Perhaps it’s the conversations with Eddie Izzard’s Gideon that reveal the most about Hannibal’s mindset. He cooks Gideon’s leg with rosemary and apple and then serves it to the man while they discuss cannibalism. “It’s only cannibalism if we’re equals” is one of the more precise summaries of Hannibal’s mindset ever. He feeds Gideon beautiful food to enhance the taste of his flesh, than feeds snails on his flesh to enhance their taste, than feeds the snails back to Gideon. It’s at this point that Gideon cuts right to the heart of an issue the episode has been dancing around. Gideon remarks that this elaborate dining is simply because Hannibal, like the snails, prefers to dine with company, and in this case Gideon is just a poor substitute for Will Graham. It’s no coincidence much of Hannibal’s lecture on Inferno revolves around Judas Iscariot and betrayal. He’s lost a brilliant student and an equal in Will Graham. Of course he’s also lost the only foe that could stand up to him. Gideon’s other cutting remarks revolve around that. He tells Hannibal repeatedly that one day the tables will turn and someone will eat him.
Characters keep asking Hannibal how he feels in this episode. One could write it off as missing the point – Hannibal doesn’t feel anything. Except that’s not entirely true. Hannibal feels betrayed, and it’s not entirely clear how this will affect his actions going forward. His nightmarish relationship with Bedelia seems fascinatingly self-destructive, as does starting his murders again so soon after stealing a fairly successful academic’s identity. But as the episode reminds us, things are rarely what it seems when it comes to Hannibal. When you think you’re about to catch him, that’s when he’s catching you. Hannibal’s actions may seem unhinged but he doesn’t, he seems more in control than ever.

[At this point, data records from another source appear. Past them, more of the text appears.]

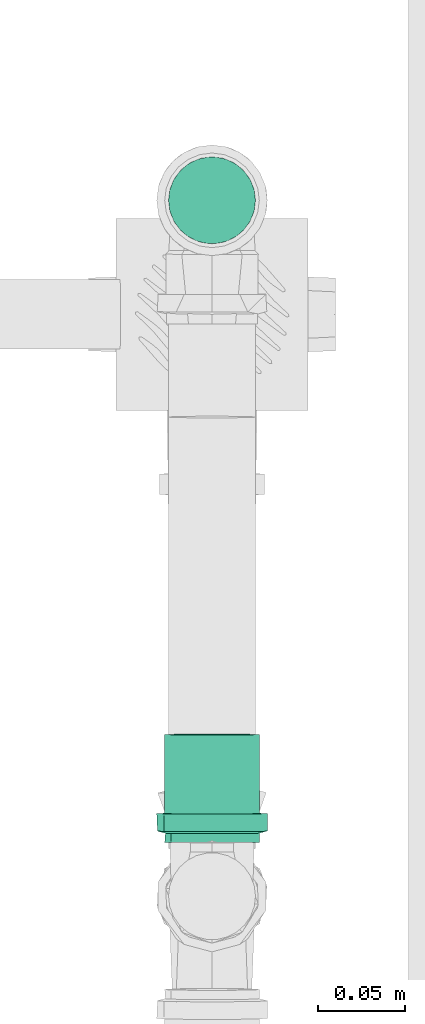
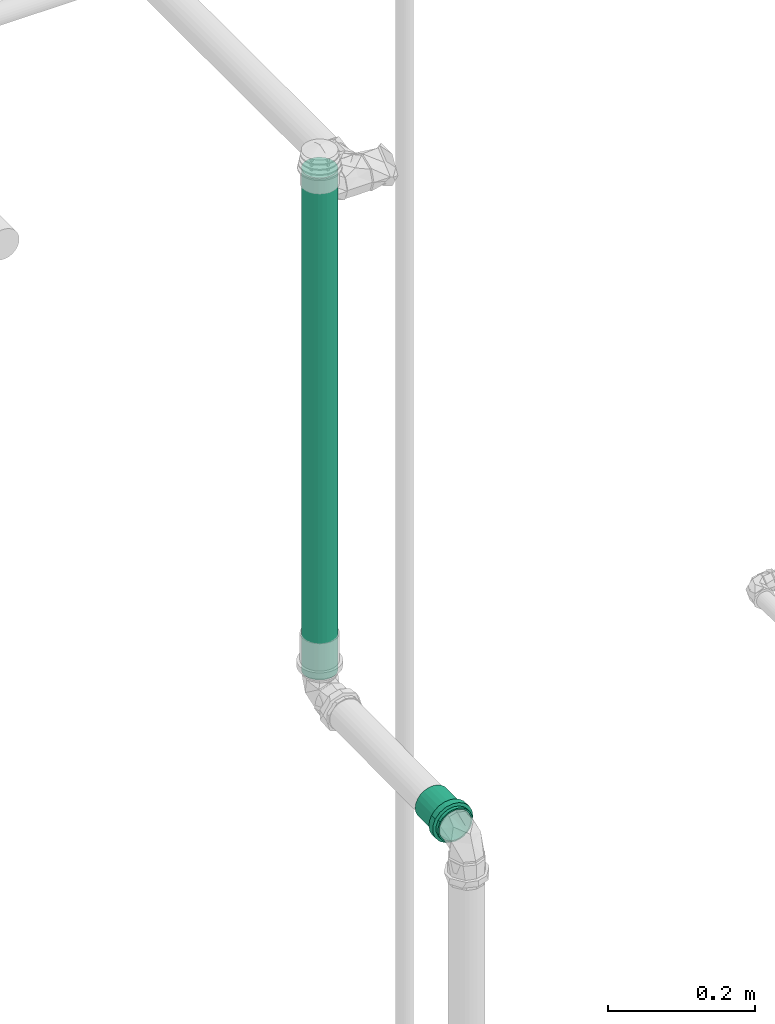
# One storey, part 41 of 589: 1 flow fitting, 1 flow segment.
"""IFC2X3 building model written with IfcOpenShell, lengths in millimetres."""

from ifc_helpers import new_model, entity, si_unit, converted_unit, derived_unit, direction, frame, origin, origin_2d_with_axis, place, context, subcontext, project, spatial, circle, extrude, faceted_brep, source, transform, mapped, material, type_object, type_shapes, element, save


model = new_model("IFC2X3")

# Units and contexts
model_context = context("Model", 3, precision=0.01, world=origin(), true_north=direction((6.123031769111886e-17, 1.0)))
body_context = subcontext(model_context, "Body", "Model", "MODEL_VIEW")
ifc_project = project(units=[si_unit("LENGTHUNIT", "METRE", prefix="MILLI"), si_unit("AREAUNIT", "SQUARE_METRE"), si_unit("VOLUMEUNIT", "CUBIC_METRE"), converted_unit("PLANEANGLEUNIT", "DEGREE", entity("IfcRatioMeasure", 0.017453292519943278), si_unit("PLANEANGLEUNIT", "RADIAN"), dimensions=[0, 0, 0, 0, 0, 0, 0]), si_unit("MASSUNIT", "GRAM", prefix="KILO"), derived_unit("MASSDENSITYUNIT", [(si_unit("MASSUNIT", "GRAM", prefix="KILO"), 1), (si_unit("LENGTHUNIT", "METRE"), -3)]), derived_unit("IONCONCENTRATIONUNIT", [(si_unit("MASSUNIT", "GRAM", prefix="KILO"), 1), (si_unit("LENGTHUNIT", "METRE"), -3)]), derived_unit("MOMENTOFINERTIAUNIT", [(si_unit("LENGTHUNIT", "METRE"), 4)]), si_unit("TIMEUNIT", "SECOND"), si_unit("FREQUENCYUNIT", "HERTZ"), si_unit("THERMODYNAMICTEMPERATUREUNIT", "DEGREE_CELSIUS"), derived_unit("THERMALTRANSMITTANCEUNIT", [(si_unit("MASSUNIT", "GRAM", prefix="KILO"), 1), (si_unit("THERMODYNAMICTEMPERATUREUNIT", "KELVIN"), -1), (si_unit("TIMEUNIT", "SECOND"), -3)]), derived_unit("THERMALCONDUCTANCEUNIT", [(si_unit("MASSUNIT", "GRAM", prefix="KILO"), 1), (si_unit("THERMODYNAMICTEMPERATUREUNIT", "KELVIN"), -1), (si_unit("TIMEUNIT", "SECOND"), -3), (si_unit("LENGTHUNIT", "METRE"), 1)]), derived_unit("VOLUMETRICFLOWRATEUNIT", [(si_unit("LENGTHUNIT", "METRE"), 3), (si_unit("TIMEUNIT", "SECOND"), -1)]), derived_unit("MASSFLOWRATEUNIT", [(si_unit("MASSUNIT", "GRAM", prefix="KILO"), 1), (si_unit("TIMEUNIT", "SECOND"), -1)]), derived_unit("ROTATIONALFREQUENCYUNIT", [(si_unit("TIMEUNIT", "SECOND"), -1)]), si_unit("ELECTRICCURRENTUNIT", "AMPERE"), si_unit("ELECTRICVOLTAGEUNIT", "VOLT"), si_unit("POWERUNIT", "WATT"), si_unit("FORCEUNIT", "NEWTON", prefix="KILO"), si_unit("ILLUMINANCEUNIT", "LUX"), si_unit("LUMINOUSFLUXUNIT", "LUMEN"), si_unit("LUMINOUSINTENSITYUNIT", "CANDELA"), derived_unit("USERDEFINED", [(si_unit("MASSUNIT", "GRAM", prefix="KILO"), -1), (si_unit("LENGTHUNIT", "METRE"), -2), (si_unit("TIMEUNIT", "SECOND"), 3), (si_unit("LUMINOUSFLUXUNIT", "LUMEN"), 1)]), derived_unit("USERDEFINED", [(si_unit("MASSUNIT", "GRAM", prefix="KILO"), 1), (si_unit("TIMEUNIT", "SECOND"), -3), (si_unit("LENGTHUNIT", "METRE"), 3), (si_unit("ELECTRICCURRENTUNIT", "AMPERE"), -2)]), derived_unit("SOUNDPOWERUNIT", [(si_unit("MASSUNIT", "GRAM", prefix="KILO"), 1), (si_unit("TIMEUNIT", "SECOND"), -3), (si_unit("LENGTHUNIT", "METRE"), 2)]), derived_unit("SOUNDPRESSUREUNIT", [(si_unit("MASSUNIT", "GRAM", prefix="KILO"), 1), (si_unit("LENGTHUNIT", "METRE"), -1), (si_unit("TIMEUNIT", "SECOND"), -2)]), derived_unit("LINEARVELOCITYUNIT", [(si_unit("LENGTHUNIT", "METRE"), 1), (si_unit("TIMEUNIT", "SECOND"), -1)]), si_unit("PRESSUREUNIT", "PASCAL"), derived_unit("USERDEFINED", [(si_unit("MASSUNIT", "GRAM", prefix="KILO"), 1), (si_unit("LENGTHUNIT", "METRE"), -2), (si_unit("TIMEUNIT", "SECOND"), -2)]), derived_unit("LINEARFORCEUNIT", [(si_unit("MASSUNIT", "GRAM", prefix="KILO"), 1), (si_unit("TIMEUNIT", "SECOND"), -2)]), derived_unit("PLANARFORCEUNIT", [(si_unit("MASSUNIT", "GRAM", prefix="KILO"), 1), (si_unit("LENGTHUNIT", "METRE"), -1), (si_unit("TIMEUNIT", "SECOND"), -2)]), derived_unit("SPECIFICHEATCAPACITYUNIT", [(si_unit("THERMODYNAMICTEMPERATUREUNIT", "KELVIN"), -1), (si_unit("LENGTHUNIT", "METRE"), 2), (si_unit("TIMEUNIT", "SECOND"), -2)]), derived_unit("HEATINGVALUEUNIT", [(si_unit("LENGTHUNIT", "METRE"), 2), (si_unit("TIMEUNIT", "SECOND"), -2)]), derived_unit("VAPORPERMEABILITYUNIT", [(si_unit("LENGTHUNIT", "METRE"), -1), (si_unit("TIMEUNIT", "SECOND"), 1)]), derived_unit("DYNAMICVISCOSITYUNIT", [(si_unit("MASSUNIT", "GRAM", prefix="KILO"), 1), (si_unit("TIMEUNIT", "SECOND"), -1), (si_unit("LENGTHUNIT", "METRE"), -1)]), derived_unit("THERMALEXPANSIONCOEFFICIENTUNIT", [(si_unit("THERMODYNAMICTEMPERATUREUNIT", "KELVIN"), -1)]), derived_unit("MODULUSOFELASTICITYUNIT", [(si_unit("MASSUNIT", "GRAM", prefix="KILO"), 1), (si_unit("LENGTHUNIT", "METRE"), -1), (si_unit("TIMEUNIT", "SECOND"), -2)]), derived_unit("ISOTHERMALMOISTURECAPACITYUNIT", [(si_unit("LENGTHUNIT", "METRE"), 3), (si_unit("MASSUNIT", "GRAM", prefix="KILO"), -1)]), derived_unit("MOISTUREDIFFUSIVITYUNIT", [(si_unit("TIMEUNIT", "SECOND"), -1), (si_unit("LENGTHUNIT", "METRE"), 2)])], contexts=[model_context])

# Site, building, storey
site_placement = place(None, origin())
site = spatial("IfcSite", under=ifc_project, at=site_placement, Name="Default", CompositionType="ELEMENT")
building_placement = place(site_placement, origin())
building = spatial("IfcBuilding", under=site, at=building_placement, CompositionType="ELEMENT")
storey_placement = place(building_placement, frame((0.0, 0.0, 100.0)))
storey = spatial("IfcBuildingStorey", under=building, at=storey_placement, Name="TÉRREO", CompositionType="ELEMENT", Elevation=100.0)

# Flow segment
pipe_segment_type = type_object("IfcPipeSegmentType", Name="Tipos de tubos:PVC Esgoto Série Normal", PredefinedType="NOTDEFINED")
flow_segment_placement = place(storey_placement, origin())
element("IfcFlowSegment", 1, at=flow_segment_placement, inside=storey, type_object=pipe_segment_type, Name="Tipos de tubos:PVC Esgoto Série Normal", ObjectType="Tipos de tubos:PVC Esgoto Série Normal", context=body_context, shape_type="SweptSolid", body=[
    extrude(circle(Radius=25.0, at=origin_2d_with_axis()), frame((1855.1564123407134, -9657.272915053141, 3011.6345858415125), z_axis=(0.0, 0.0, 1.0), x_axis=(-1.0, 0.0, 0.0)), (0.0, 0.0, 1.0), 834.5587000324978),
])

# Flow fitting
ifc_material = material(Name="PVC Série Normal")
pipe_fitting_type = type_object("IfcPipeFittingType", Name="PVC Esgoto_Luva Simples para Conexão_Rodrigo MEP:Standard", PredefinedType="NOTDEFINED", material=ifc_material)
shared_shape = source(origin(), body_context, "Body", "Brep", [
    faceted_brep([(16.599999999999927, -13.599999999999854, -23.555890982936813), (16.599999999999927, -22.485995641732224, -22.485995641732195), (16.599999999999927, -15.900000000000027, -27.53960784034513), (16.599999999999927, -19.233304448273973, -19.233304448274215), (16.599999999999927, -7.039878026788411, -26.273182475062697), (16.599999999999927, -27.539607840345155, -15.899999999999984), (16.599999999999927, -23.55589098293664, -13.600000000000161), (16.599999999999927, -26.273182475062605, -7.03987802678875), (16.599999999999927, -30.716441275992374, -8.230445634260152), (16.599999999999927, -27.2, 0.0), (16.599999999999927, -31.8, 0.0), (16.599999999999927, -26.273182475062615, 7.0398780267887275), (16.599999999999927, -30.71644127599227, 8.23044563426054), (16.599999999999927, -23.555890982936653, 13.60000000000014), (16.599999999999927, -27.539607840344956, 15.900000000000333), (16.599999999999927, -19.233304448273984, 19.2333044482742), (16.599999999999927, -22.485995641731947, 22.48599564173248), (16.599999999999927, -13.599999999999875, 23.555890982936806), (16.599999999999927, -15.899999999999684, 27.53960784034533), (16.599999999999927, -7.039878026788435, 26.27318247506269), (16.599999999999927, -8.230445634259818, 30.716441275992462), (16.599999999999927, 0.0, 27.2), (16.599999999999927, 0.0, 31.8), (16.599999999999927, 7.039878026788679, 26.273182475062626), (16.599999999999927, 8.230445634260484, 30.716441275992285), (16.599999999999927, 13.600000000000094, 23.555890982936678), (16.599999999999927, 15.900000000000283, 27.53960784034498), (16.599999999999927, 19.23330444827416, 19.233304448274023), (16.599999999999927, 22.485995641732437, 22.48599564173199), (16.599999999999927, 23.55589098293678, 13.59999999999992), (16.599999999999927, 27.539607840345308, 15.899999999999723), (16.599999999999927, 30.71644127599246, 8.230445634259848), (16.599999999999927, 26.273182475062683, 7.039878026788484), (16.599999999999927, 31.8, 0.0), (16.599999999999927, 27.2, 0.0), (16.599999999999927, 30.71644127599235, -8.23044563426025), (16.599999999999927, 26.273182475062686, -7.03987802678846), (16.599999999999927, 27.53960784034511, -15.90000000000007), (16.599999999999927, 23.55589098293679, -13.599999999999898), (16.599999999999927, 22.485995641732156, -22.485995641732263), (16.599999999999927, 19.233304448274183, -19.233304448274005), (16.599999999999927, 15.899999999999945, -27.53960784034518), (16.599999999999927, 13.600000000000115, -23.555890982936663), (16.599999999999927, 8.230445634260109, -30.716441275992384), (16.599999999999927, 7.039878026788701, -26.273182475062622), (16.599999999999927, 0.0, -31.8), (16.599999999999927, 0.0, -27.2), (16.599999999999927, -8.2304456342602, -30.71644127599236), (6.5000000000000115, 31.8, 0.0), (6.500000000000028, 30.243828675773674, 9.826028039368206), (6.500000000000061, 18.6933889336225, 25.72541953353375), (6.500000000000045, 25.727620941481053, 18.69035903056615), (6.500000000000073, 9.829589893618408, 30.24267122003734), (6.50000000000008, 0.0037451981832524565, 31.799999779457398), (6.5000000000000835, -9.822466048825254, 30.244985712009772), (6.500000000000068, -25.723217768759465, 18.696418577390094), (6.50000000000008, -18.687328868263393, 25.729821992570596), (6.50000000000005, -30.24167131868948, 9.832665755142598), (6.5000000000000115, -31.8, 0.0), (6.499999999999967, -24.364200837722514, -20.435892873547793), (6.499999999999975, -27.12442527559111, -15.652735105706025), (6.499999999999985, -29.884649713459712, -10.869577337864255), (6.499999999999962, -20.134403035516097, -23.986420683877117), (6.4999999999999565, -15.904605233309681, -27.53694849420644), (6.499999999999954, -10.715490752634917, -29.42653259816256), (6.499999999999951, -5.526376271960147, -31.31611670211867), (6.499999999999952, -0.003927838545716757, -31.316809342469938), (6.499999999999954, 5.518520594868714, -31.317501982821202), (6.499999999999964, 15.897697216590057, -27.54093722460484), (6.499999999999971, 20.128385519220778, -23.99147055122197), (6.499999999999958, 10.70810890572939, -29.42921960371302), (6.499999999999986, 27.12049800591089, -15.659538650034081), (6.499999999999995, 29.881922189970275, -10.877073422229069), (6.499999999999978, 24.359073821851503, -20.442003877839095), (6.499999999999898, 30.69617385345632, -6.259599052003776), (6.500000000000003, 30.84096109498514, -5.438536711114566), (62.0, -12.499999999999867, -21.650635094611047), (62.0, -19.233304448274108, -19.23330444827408), (62.0, -13.600000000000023, -23.55589098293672), (62.0, -6.470476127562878, -24.14814565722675), (62.0, -17.677669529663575, -17.677669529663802), (62.0, -23.55589098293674, -13.599999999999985), (62.0, -21.65063509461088, -12.50000000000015), (62.0, -24.148145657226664, -6.470476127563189), (62.0, -26.27318247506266, -7.039878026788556), (62.0, -25.0, 0.0), (62.0, -27.2, 0.0), (62.0, -24.148145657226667, 6.4704761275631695), (62.0, -26.273182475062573, 7.03987802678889), (62.0, -21.650635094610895, 12.500000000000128), (62.0, -23.555890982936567, 13.600000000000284), (62.0, -17.67766952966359, 17.67766952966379), (62.0, -19.233304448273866, 19.233304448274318), (62.0, -12.499999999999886, 21.650635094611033), (62.0, -13.59999999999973, 23.55589098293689), (62.0, -6.4704761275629, 24.14814565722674), (62.0, -7.039878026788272, 26.273182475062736), (62.0, 0.0, 25.0), (62.0, 0.0, 27.2), (62.0, 6.470476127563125, 24.148145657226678), (62.0, 7.039878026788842, 26.273182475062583), (62.0, 12.500000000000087, 21.650635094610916), (62.0, 13.600000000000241, 23.555890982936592), (62.0, 17.677669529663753, 17.677669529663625), (62.0, 19.233304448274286, 19.2333044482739), (62.0, 21.65063509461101, 12.499999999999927), (62.0, 23.555890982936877, 13.599999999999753), (62.0, 26.27318247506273, 7.039878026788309), (62.0, 24.14814565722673, 6.470476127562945), (62.0, 27.2, 0.0), (62.0, 25.0, 0.0), (62.0, 26.27318247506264, -7.0398780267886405), (62.0, 24.148145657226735, -6.470476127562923), (62.0, 23.5558909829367, -13.600000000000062), (62.0, 21.650635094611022, -12.499999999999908), (62.0, 19.233304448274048, -19.233304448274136), (62.0, 17.67766952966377, -17.677669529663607), (62.0, 13.599999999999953, -23.555890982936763), (62.0, 12.500000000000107, -21.650635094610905), (62.0, 7.039878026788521, -26.27318247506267), (62.0, 6.470476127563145, -24.148145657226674), (62.0, 0.0, -27.2), (62.0, 0.0, -25.0), (62.0, -7.039878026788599, -26.273182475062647), (0.0, -13.600000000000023, -23.55589098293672), (0.0, -19.233304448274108, -19.23330444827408), (0.0, -12.499999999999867, -21.650635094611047), (0.0, -6.470476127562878, -24.14814565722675), (0.0, -7.039878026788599, -26.273182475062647), (0.0, -17.677669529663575, -17.677669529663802), (0.0, -23.55589098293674, -13.599999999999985), (0.0, -21.65063509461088, -12.50000000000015), (0.0, -24.148145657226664, -6.470476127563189), (0.0, -26.27318247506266, -7.039878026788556), (0.0, -25.0, 0.0), (0.0, -27.2, 0.0), (0.0, -24.148145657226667, 6.4704761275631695), (0.0, -26.273182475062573, 7.03987802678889), (0.0, -21.650635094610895, 12.500000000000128), (0.0, -23.555890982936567, 13.600000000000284), (0.0, -17.67766952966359, 17.67766952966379), (0.0, -19.233304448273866, 19.233304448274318), (0.0, -12.499999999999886, 21.650635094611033), (0.0, -13.59999999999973, 23.55589098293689), (0.0, -6.4704761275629, 24.14814565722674), (0.0, -7.039878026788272, 26.273182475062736), (0.0, 0.0, 25.0), (0.0, 0.0, 27.2), (0.0, 6.470476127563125, 24.148145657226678), (0.0, 7.039878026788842, 26.273182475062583), (0.0, 12.500000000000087, 21.650635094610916), (0.0, 13.600000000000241, 23.555890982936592), (0.0, 17.677669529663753, 17.677669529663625), (0.0, 19.233304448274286, 19.2333044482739), (0.0, 21.65063509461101, 12.499999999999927), (0.0, 23.555890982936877, 13.599999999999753), (0.0, 26.27318247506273, 7.039878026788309), (0.0, 24.14814565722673, 6.470476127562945), (0.0, 27.2, 0.0), (0.0, 25.0, 0.0), (0.0, 26.27318247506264, -7.0398780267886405), (0.0, 24.148145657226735, -6.470476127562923), (0.0, 23.5558909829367, -13.600000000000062), (0.0, 21.650635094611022, -12.499999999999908), (0.0, 19.233304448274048, -19.233304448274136), (0.0, 17.67766952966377, -17.677669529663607), (0.0, 13.599999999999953, -23.555890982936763), (0.0, 12.500000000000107, -21.650635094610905), (0.0, 7.039878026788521, -26.27318247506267), (0.0, 6.470476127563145, -24.148145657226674), (0.0, 0.0, -27.2), (0.0, 0.0, -25.0), (5.299999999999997, 27.2, 0.0), (5.300000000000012, 25.868346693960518, 8.406464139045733), (5.300000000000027, 22.003776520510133, 15.989803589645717), (5.30000000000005, 8.400454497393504, 25.870298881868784), (5.300000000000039, 15.9846915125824, 22.007490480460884), (5.300000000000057, -0.00631876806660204, 27.199999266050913), (5.30000000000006, -8.412473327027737, 25.866393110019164), (5.3000000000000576, -15.99491480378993, 22.00006137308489), (5.300000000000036, -25.8722496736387, 8.394444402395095), (5.30000000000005, -22.011203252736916, 15.97957857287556), (5.299999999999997, -27.2, 0.0), (5.299999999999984, -25.56171296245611, -9.29724854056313), (5.2999999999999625, -17.22187932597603, -20.516686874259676), (5.299999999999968, -20.839819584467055, -17.47975742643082), (5.299999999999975, -23.200766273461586, -13.388502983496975), (5.2999999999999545, -9.165451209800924, -25.169864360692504), (5.299999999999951, -4.726963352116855, -26.78611239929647), (5.299999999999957, -13.603939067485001, -23.553616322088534), (5.29999999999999, 26.379689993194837, -4.651830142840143), (5.299999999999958, 13.5980303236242, -23.55702806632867), (5.299999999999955, 9.159137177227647, -25.17216267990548), (5.299999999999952, 4.720244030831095, -26.787297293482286), (5.299999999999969, 20.83543421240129, -17.484984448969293), (5.299999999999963, 17.216732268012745, -20.52100625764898), (5.299999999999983, 25.559379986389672, -9.303660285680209), (5.299999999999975, 23.197407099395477, -13.394322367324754), (5.299999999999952, -0.0033596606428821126, -26.78670484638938), (39.0, 25.0, 0.0), (39.0, -25.0, 0.0)], [[[0, 1, 2]], [[3, 1, 0]], [[4, 0, 2]], [[1, 3, 5]], [[5, 3, 6]], [[5, 6, 7]], [[8, 5, 7]], [[9, 8, 7]], [[10, 8, 9]], [[10, 9, 11]], [[12, 10, 11]], [[12, 11, 13]], [[14, 12, 13]], [[14, 13, 15]], [[15, 16, 14]], [[15, 17, 16]], [[17, 18, 16]], [[19, 18, 17]], [[18, 19, 20]], [[21, 20, 19]], [[22, 20, 21]], [[23, 22, 21]], [[24, 22, 23]], [[25, 24, 23]], [[24, 25, 26]], [[25, 27, 26]], [[28, 26, 27]], [[28, 27, 29]], [[28, 29, 30]], [[30, 29, 31]], [[31, 29, 32]], [[33, 31, 32]], [[33, 32, 34]], [[33, 34, 35]], [[34, 36, 35]], [[37, 35, 36]], [[37, 36, 38]], [[39, 37, 38]], [[40, 39, 38]], [[40, 41, 39]], [[42, 41, 40]], [[43, 41, 42]], [[42, 44, 43]], [[43, 44, 45]], [[44, 46, 45]], [[46, 4, 47]], [[45, 46, 47]], [[2, 47, 4]], [[33, 48, 31]], [[31, 49, 30]], [[26, 28, 50]], [[51, 28, 30]], [[24, 26, 52]], [[49, 51, 30]], [[31, 48, 49]], [[50, 52, 26]], [[28, 51, 50]], [[52, 53, 24]], [[53, 22, 24]], [[20, 53, 54]], [[20, 54, 18]], [[14, 16, 55]], [[56, 16, 18]], [[12, 14, 57]], [[56, 55, 16]], [[18, 54, 56]], [[57, 58, 12]], [[14, 55, 57]], [[58, 10, 12]], [[22, 53, 20]], [[8, 10, 58]], [[59, 1, 5]], [[60, 59, 5, 61]], [[2, 62, 63]], [[8, 58, 61]], [[2, 63, 64]], [[47, 2, 64]], [[64, 65, 47]], [[62, 1, 59]], [[66, 67, 45, 65]], [[41, 68, 69]], [[1, 62, 2]], [[39, 41, 69]], [[8, 61, 5]], [[43, 45, 67]], [[68, 41, 70]], [[71, 72, 37, 73]], [[43, 70, 41]], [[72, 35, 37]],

Of course it’s the deliberate obtuseness of this episode that makes it special. It unapologetically fails to fill in the expected blanks, instead opting for an atmospheric and philosophical episode. Not that the show isn’t normally philosophical, but coupled with the increased stylization it really made for a stand-out premiere. The new European locations have injected the show with an impeccable new set, and the episode’s impressionistic editing and cinematography make full use of it. Brian Reitzell’s colourful synthesizers, sparse repeating motifs, and echoey sounds are a welcome return. The show just simply wouldn’t be the same without the visual and sonic stylization. From beautifully symbolic dream sequences to black and white flashbacks to incredibly presented, incredibly macabre dishes (that snail dish arranged on a halved shell look lavish) the show is back and swinging. It’s simultaneously a return to everything that made the show great and delightfully divorced from many of the tangible components of the two past seasons. Already the season seems like it will be rife with intrigue and stressful developments.